French President Emmanuel Macron has not commented publicly on the deal, but other French officials have joined Bayrou in attacking it as unbalanced.

France’s deputy minister for European Affairs, Benjamin Haddad, said Europeans must “fight to continue seeking trade balance with the United States” and called for Europe to activate anti-coercion mechanism to tax U.S. digital services or exclude them from public agreements.

“The current situation is not satisfactory and cannot be sustainable. The free trade that has brought shared prosperity to both sides of the Atlantic since the end of the Second World War is now rejected by the United States, which is choosing economic coercion and complete disregard for WTO rules. This is a structural change.
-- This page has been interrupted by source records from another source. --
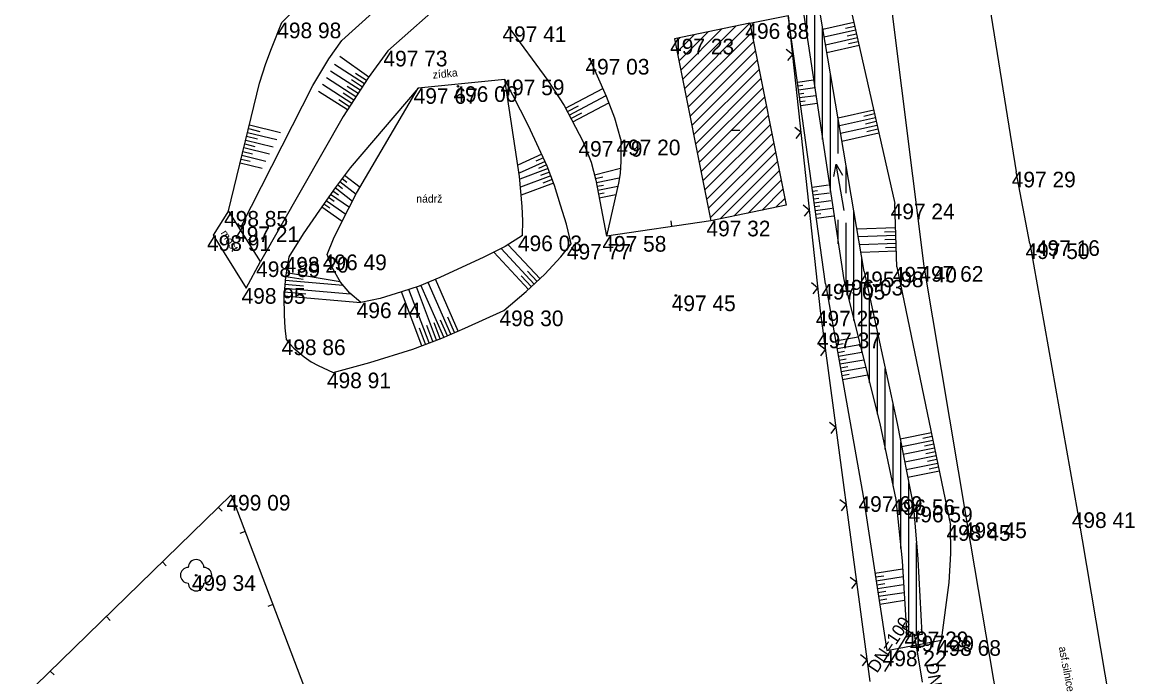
# Model space of a CAD drawing. Extents: x -554123 to -553118, y -1076825 to -1073672.
# Drawn here: x -553501.5 to -553430.4, y -1076768 to -1076726.2 of the extents above; entities that cross this region are included whole.
import ezdxf

# ---------------------------------------------------------------- set-up
doc = ezdxf.new("R2010")
doc.units = 0
for name, color, linetype in [('1', 7, 'Continuous'), ('12', 7, 'Continuous'), ('14', 7, 'Continuous'), ('17', 7, 'Continuous'), ('18', 7, 'Continuous'), ('26', 7, 'Continuous'), ('27', 7, 'Continuous'), ('28', 7, 'Continuous'), ('32', 7, 'Continuous'), ('34', 7, 'Continuous'), ('40', 7, 'Continuous'), ('47', 7, 'Continuous'), ('49', 7, 'Continuous'), ('52', 7, 'Continuous'), ('6', 7, 'Continuous')]:
    doc.layers.add(name, color=color, linetype=linetype)

# ---------------------------------------------------------------- blocks, each defined once
blk = doc.blocks.new('POINT_DISPLAY')
blk.add_line((0, 0), (0, 0))
blk = doc.blocks.new('T')
at = {"layer": '6'}
blk.add_circle((0, 0), 0.05, dxfattribs=at)
blk = doc.blocks.new('VOTOK')
at = {"layer": '28'}
for p, q in [((-3.001, 0), (0, 0)), ((-0.75, 0.282), (0, 0)), ((0, 0), (-0.75, -0.28))]:
    blk.add_line(p, q, dxfattribs=at)
blk = doc.blocks.new('JS800')
at = {"layer": '49'}
blk.add_text('DN=800', height=0.8, rotation=359.99988, dxfattribs=at).set_placement((0, 0))
blk = doc.blocks.new('STL')
at = {"layer": '34'}
blk.add_circle((0, 0), 0.05, dxfattribs=at)
for centre, start, end in [((0, 0.5), 0, 180), ((-0.5, 0), 90, 270), ((0.5, 0), 270, 90), ((0, -0.5), 180, 0)]:
    blk.add_arc(centre, 0.5, start, end, dxfattribs=at)
blk = doc.blocks.new('VYUST')
at = {"layer": '40'}
for p, q in [((-0.35, 0.501), (0, 0.5)), ((0, 0.5), (0, -0.5)), ((0, 0), (3, 0)), ((-0.35, -0.5), (0, -0.5))]:
    blk.add_line(p, q, dxfattribs=at)
blk = doc.blocks.new('BN')
at = {"layer": '47'}
blk.add_line((-0.25, 0), (0.25, 0), dxfattribs=at)
blk = doc.blocks.new('JS100')
at = {"layer": '49'}
blk.add_text('DN=100', height=0.8, rotation=359.99998, dxfattribs=at).set_placement((0, 0))

msp = doc.modelspace()

# ---------------------------------------------------------------- linework, layer by layer
at = {"layer": '12'}
for p, q in [((-553455.03, -1076726.24), (-553452.578, -1076725.751)), ((-553452.578, -1076725.751), (-553450.54, -1076744.62)), ((-553452.31, -1076728.237), (-553452.7, -1076727.923)), ((-553452.31, -1076728.237), (-553452.623, -1076728.627)), ((-553451.773, -1076733.208), (-553452.163, -1076732.894)), ((-553451.773, -1076733.208), (-553452.087, -1076733.598)), ((-553451.236, -1076738.179), (-553451.626, -1076737.865)), ((-553451.236, -1076738.179), (-553451.55, -1076738.569)), ((-553457.53, -1076738.86), (-553464.18, -1076739.84)), ((-553460.003, -1076739.224), (-553460.054, -1076738.878)), ((-553450.699, -1076743.15), (-553451.089, -1076742.836)), ((-553450.699, -1076743.15), (-553451.013, -1076743.54)), ((-553450.54, -1076744.62), (-553447.37, -1076768.32)), ((-553450.209, -1076747.098), (-553450.606, -1076746.794)), ((-553450.209, -1076747.098), (-553450.513, -1076747.496)), ((-553449.546, -1076752.054), (-553449.943, -1076751.75)), ((-553449.546, -1076752.054), (-553449.85, -1076752.452)), ((-553501.52, -1076769.39), (-553488.17, -1076756.39)), ((-553488.17, -1076756.39), (-553482.04, -1076772.53)), ((-553488.982, -1076757.181), (-553488.738, -1076757.432)), ((-553448.883, -1076757.01), (-553449.281, -1076756.706)), ((-553448.883, -1076757.01), (-553449.187, -1076757.407)), ((-553487.282, -1076758.727), (-553487.61, -1076758.851)), ((-553492.565, -1076760.669), (-553492.32, -1076760.92)), ((-553448.22, -1076761.966), (-553448.618, -1076761.662)), ((-553448.22, -1076761.966), (-553448.524, -1076762.363)), ((-553485.507, -1076763.401), (-553485.834, -1076763.526)), ((-553496.147, -1076764.158), (-553495.903, -1076764.408)), ((-553447.557, -1076766.921), (-553447.955, -1076766.617)), ((-553447.557, -1076766.921), (-553447.861, -1076767.319)), ((-553499.729, -1076767.646), (-553499.485, -1076767.897))]:
    msp.add_line(p, q, dxfattribs=at)
at = {"layer": '14'}
for p, q in [((-553455.03, -1076726.24), (-553459.85, -1076727.23)), ((-553455.03, -1076726.24), (-553452.71, -1076737.87)), ((-553459.85, -1076727.23), (-553457.53, -1076738.86)), ((-553452.71, -1076737.87), (-553457.53, -1076738.86))]:
    msp.add_line(p, q, dxfattribs=at)
at = {"layer": '17'}
for p, q in [((-553440.39, -1076721), (-553438.01, -1076735.73)), ((-553446.23, -1076723.25), (-553443.91, -1076741.76)), ((-553437.14, -1076740.31), (-553438.01, -1076735.73)), ((-553437.14, -1076740.31), (-553434.09, -1076757.5)), ((-553443.91, -1076741.76), (-553441.16, -1076758.15)), ((-553434.09, -1076757.5), (-553431.22, -1076774.44)), ((-553441.16, -1076758.15), (-553438.18, -1076775.84))]:
    msp.add_line(p, q, dxfattribs=at)
at = {"layer": '18'}
for p, q in [((-553470.68, -1076729.84), (-553476.23, -1076730.39)), ((-553488.35, -1076738.24), (-553489.32, -1076739.79)), ((-553486.29, -1076741.46), (-553488.35, -1076738.24)), ((-553489.32, -1076739.79), (-553487.22, -1076743.17)), ((-553487.22, -1076743.17), (-553486.29, -1076741.46))]:
    msp.add_line(p, q, dxfattribs=at)
at = {"layer": '26'}
for p, q in [((-553448.377, -1076726.199), (-553450.355, -1076726.645)), ((-553448.322, -1076726.443), (-553448.919, -1076726.577)), ((-553448.267, -1076726.687), (-553450.271, -1076727.138)), ((-553448.157, -1076727.174), (-553450.187, -1076727.631)), ((-553448.212, -1076726.93), (-553448.817, -1076727.066)), ((-553448.047, -1076727.662), (-553450.103, -1076728.125)), ((-553448.102, -1076727.418), (-553448.715, -1076727.556)), ((-553479.378, -1076729.688), (-553481.223, -1076728.367)), ((-553479.924, -1076730.526), (-553481.822, -1076729.297)), ((-553479.652, -1076730.106), (-553481.567, -1076728.867)), ((-553479.516, -1076729.896), (-553480.216, -1076729.443)), ((-553480.467, -1076731.365), (-553482.333, -1076730.157)), ((-553480.196, -1076730.945), (-553482.077, -1076729.727)), ((-553479.788, -1076730.316), (-553480.486, -1076729.864)), ((-553451.986, -1076730.003), (-553450.952, -1076729.859)), ((-553451.951, -1076730.251), (-553451.64, -1076730.208)), ((-553480.739, -1076731.785), (-553482.582, -1076730.592)), ((-553480.331, -1076731.155), (-553481.019, -1076730.71)), ((-553480.06, -1076730.736), (-553480.753, -1076730.287)), ((-553466.806, -1076731.665), (-553464.418, -1076730.411)), ((-553466.573, -1076732.107), (-553464.214, -1076730.868)), ((-553451.917, -1076730.499), (-553450.877, -1076730.354)), ((-553451.882, -1076730.746), (-553451.57, -1076730.703)), ((-553451.848, -1076730.994), (-553450.803, -1076730.848)), ((-553480.603, -1076731.575), (-553481.286, -1076731.133)), ((-553466.69, -1076731.886), (-553465.978, -1076731.512)), ((-553466.341, -1076732.55), (-553464.031, -1076731.337)), ((-553451.813, -1076731.241), (-553451.499, -1076731.197)), ((-553451.779, -1076731.489), (-553450.729, -1076731.343)), ((-553466.457, -1076732.329), (-553465.756, -1076731.961)), ((-553447.116, -1076731.795), (-553449.394, -1076732.308)), ((-553447.006, -1076732.282), (-553449.31, -1076732.801)), ((-553447.061, -1076732.038), (-553447.749, -1076732.193)), ((-553487.064, -1076732.978), (-553486.342, -1076733.155)), ((-553487.005, -1076732.735), (-553485.023, -1076733.22)), ((-553446.896, -1076732.77), (-553449.226, -1076733.295)), ((-553446.951, -1076732.526), (-553447.646, -1076732.683)), ((-553446.842, -1076733.014), (-553447.544, -1076733.172)), ((-553487.242, -1076733.706), (-553485.489, -1076734.135)), ((-553487.183, -1076733.464), (-553486.495, -1076733.632)), ((-553487.124, -1076733.221), (-553485.256, -1076733.678)), ((-553446.787, -1076733.258), (-553449.142, -1076733.789)), ((-553487.42, -1076734.435), (-553486.8, -1076734.586)), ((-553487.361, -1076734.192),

We must quickly draw the consequences or risk fading away,” Haddad wrote in a post on X, referring to the World Trade Organization.

“This is both an economic and political challenge,” he continued. “Believing that concessions can address it will only encourage predation abroad and the rejection of Europe within our borders by our citizens.”

Laurent Saint-Martin, minister delegate for foreign trade and French citizens abroad, told France Inter in a radio interview Monday, “The good news is that there is an agreement, and, therefore, our companies have visibility, and there is stability in the transatlantic trade relationship.”

He added, however, that “this agreement is not balanced, and therefore we will have to continue working,” pointing to U.S. digital services, where, he said, the U.S. “has a surplus.”

“Donald Trump has said for months and months that he wanted to rebalance a trade relationship that is to the detriment of the United States but he only spoke of goods. If we take services, it’s the opposite. So it’s up to us to do this work of balance of power and rebalancing from now on,” Saint-Martin added.